An important step in optimizing algorithms is to make clever observations about the most crucial elements of the problem. And indeed, we start by asking - what can we say about the sequence of consecutive values of the prefix function?

$\begin{array}{c} \text{i}&0&1&2&3&4&5\\ \text{pattern} & \color{blue} \text{A} & \color{blue} \text{B} & \color{blue} \text{A} & \color{blue} \text{B} & \color{blue} \text{A} & \color{blue} \text{C} \\ \text{pi[i]} & 0 & 0 & 1 & 2 & 3 & 0 \end {array}$

You might have already noticed that each consecutive value can only increase at most by 1. This is because each index is increasing by 1, and so each corresponding length of a valid suffix can increase by no more than 1.

What are the implications of this subtle observation? If the next value cannot increase by more than 1, it means we are only left with three cases:

• The value can increase by 1.
• The value can NOT increase at all i.e., stay the same.
• The value can actually decrease by a certain amount.

Let’s handle these three cases separately and see how we can use this logic to speed up our code!

### Instructions

1.

As we saw above, we do not have to check for proper prefixes of all possible lengths in the inner loop.

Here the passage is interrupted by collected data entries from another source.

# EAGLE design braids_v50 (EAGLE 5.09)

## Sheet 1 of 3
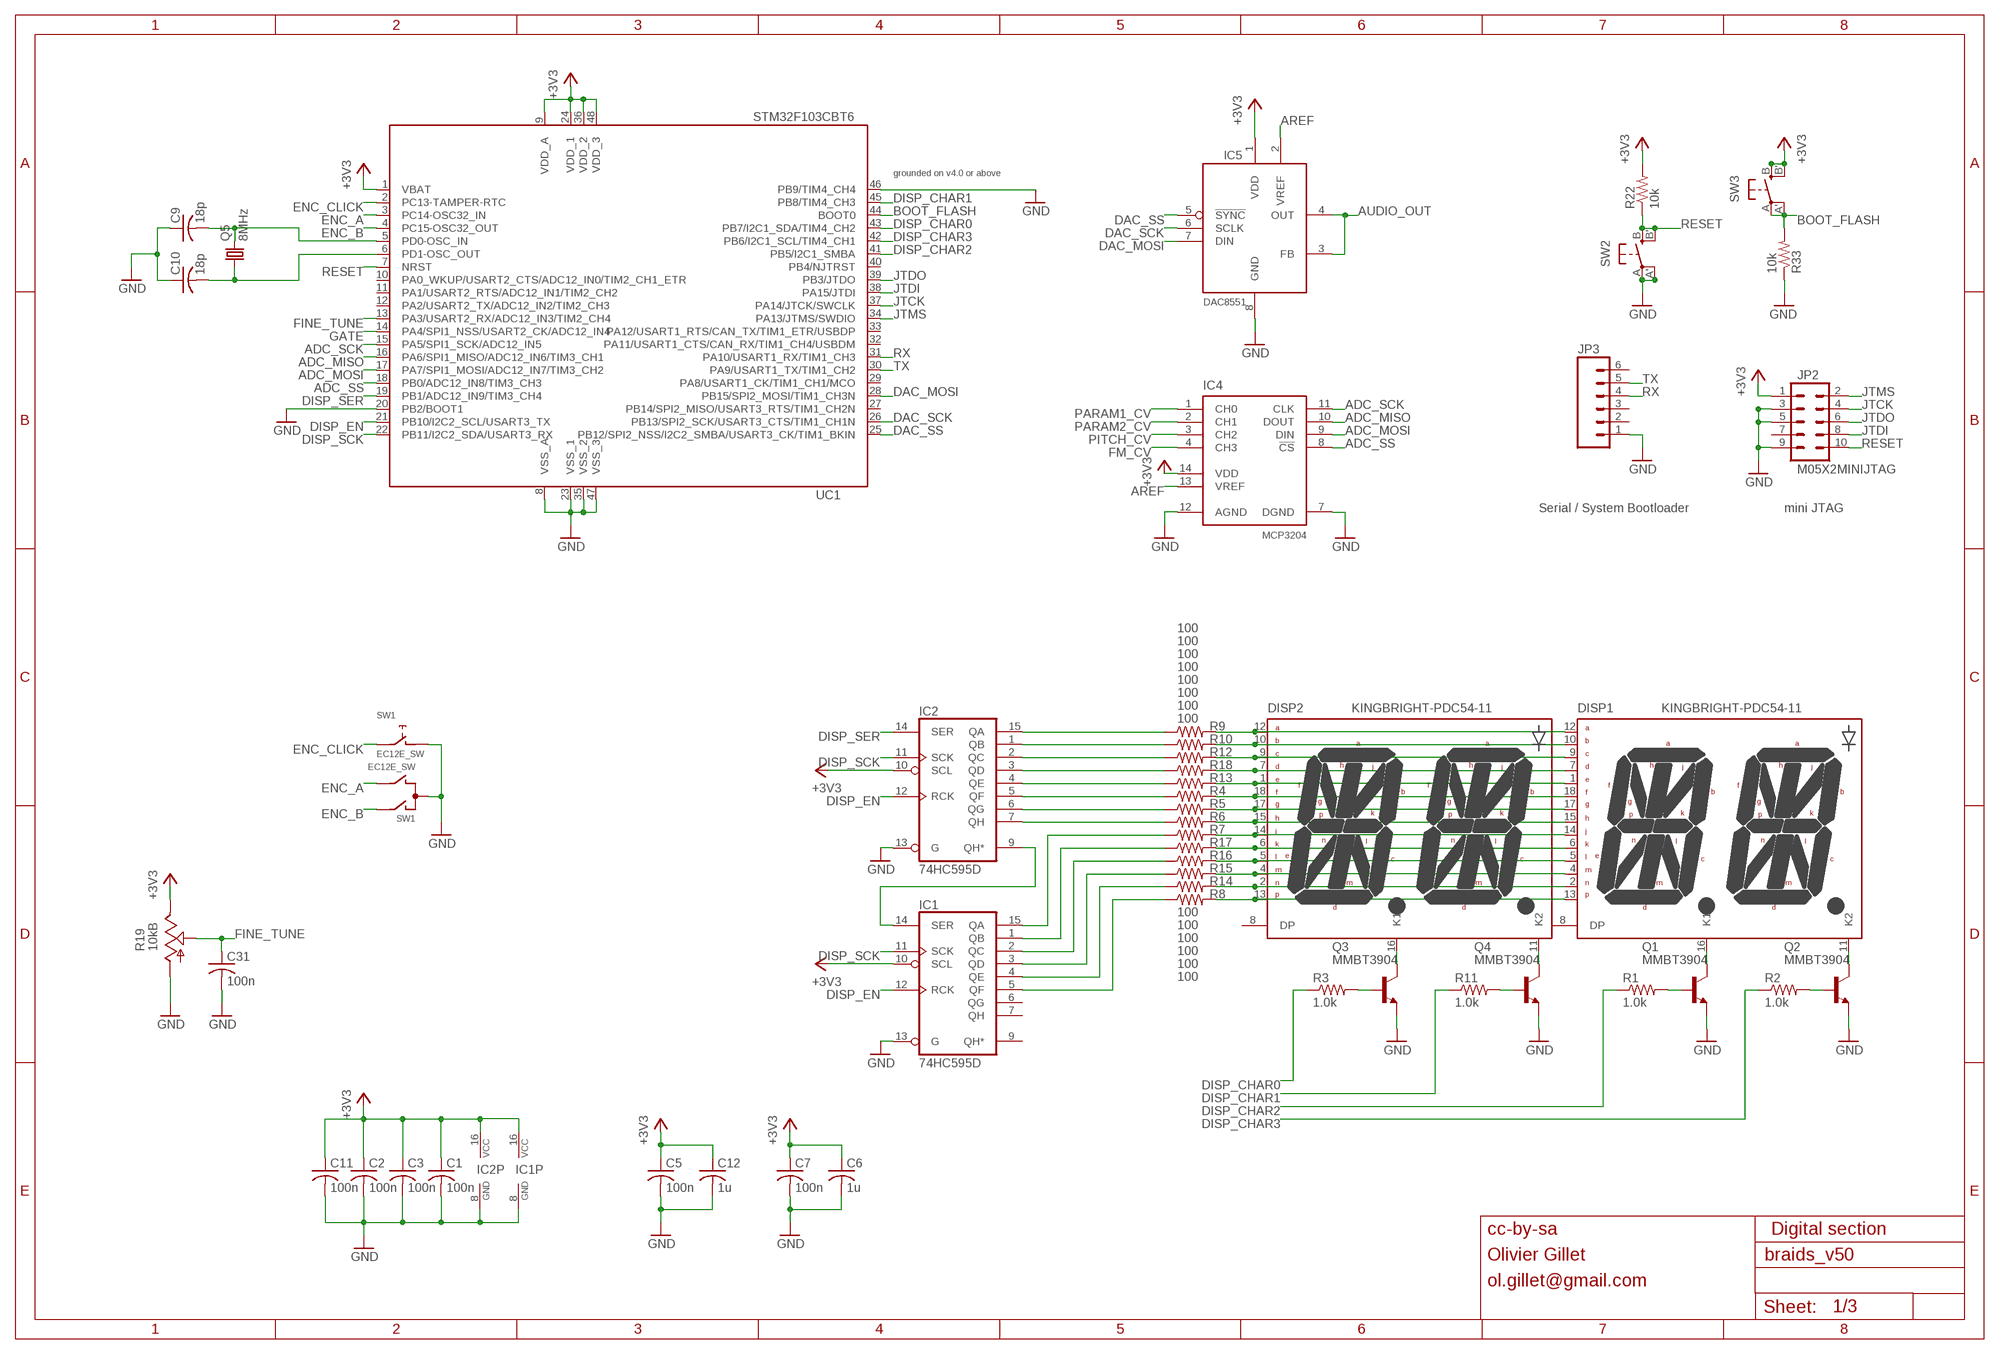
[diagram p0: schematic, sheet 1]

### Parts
C1  100n  C-USC0603  [C0603]
C2  100n  C-USC0603  [C0603]
C3  100n  C-USC0603  [C0603]
C5  100n  C-USC0603  [C0603]
C6  1u  C-USC0603  [C0603]
C7  100n  C-USC0603  [C0603]
C9  18p  C-USC0603  [C0603]
C10  18p  C-USC0603  [C0603]
C11  100n  C-USC0603  [C0603]
C12  1u  C-USC0603  [C0603]
C31  100n  C-USC0603  [C0603]
DISP1  KINGBRIGHT-PDC54-11  [PDC54]
DISP2  KINGBRIGHT-PDC54-11  [PDC54]
IC1  74HC595D  [SO16]
IC2  74HC595D  [SO16]
IC4  MCP3204  MCP3302  [SO14]
IC5  DAC8551  DAC855X  [MSOP-8]
JP2  M05X2MINIJTAG  [2X5-1.27]
JP3  M06SIP  [1X06]
Q1  MMBT3904  MMBT3904LT1-NPN-SOT23-BEC  [SOT23-BEC]
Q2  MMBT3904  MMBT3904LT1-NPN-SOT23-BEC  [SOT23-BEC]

Once we know the value of the prefix function in the previous index, we can narrow down our choices to the three cases above.

Let’s check the first case — the value can only increase by 1.

• Use an if condition to check to see if there is a proper prefix of length pi[i - 1] + 1 that is also a proper suffix of the same length.
• If there is one, this is the valid suffix/prefix length that we are looking for.
• Update the value of pi[i] to this length.
2.

If the first case is false, we need to check the second case — the value can NOT decrease at all i.e. stay the same.

• Use an elif condition to check to see if there is a proper prefix of length pi[i - 1] that is also a proper suffix of the same length.
• If there is one, this is the valid suffix/prefix length we are looking for.
• Update the value of pi[i] to this length.
3.

If the second case also turns out to be false, we finally need to check for all lengths from pi[i - 1] - 1 down to 0.

• Create an else branch.
• Inside the else branch, create a for loop to iterate through each length j from pi[i - 1] - 1 down to 0.
• Inside the for loop, check to see if there is a proper prefix of length j that is equal to a proper suffix of the same length.
• If there is one, this is the valid proper prefix/suffix length we are looking for.
• Update the value of pi[i] to this length and break out of the for loop.

But wait a minute! You created another for loop inside - shouldn’t this once again result in a running time of O(n^3)? Not quite. It turns out this extra loop can add a large constant factor (as opposed to the size of the input itself) at most, so the overall running time does indeed come down by a factor of n to O(n^2).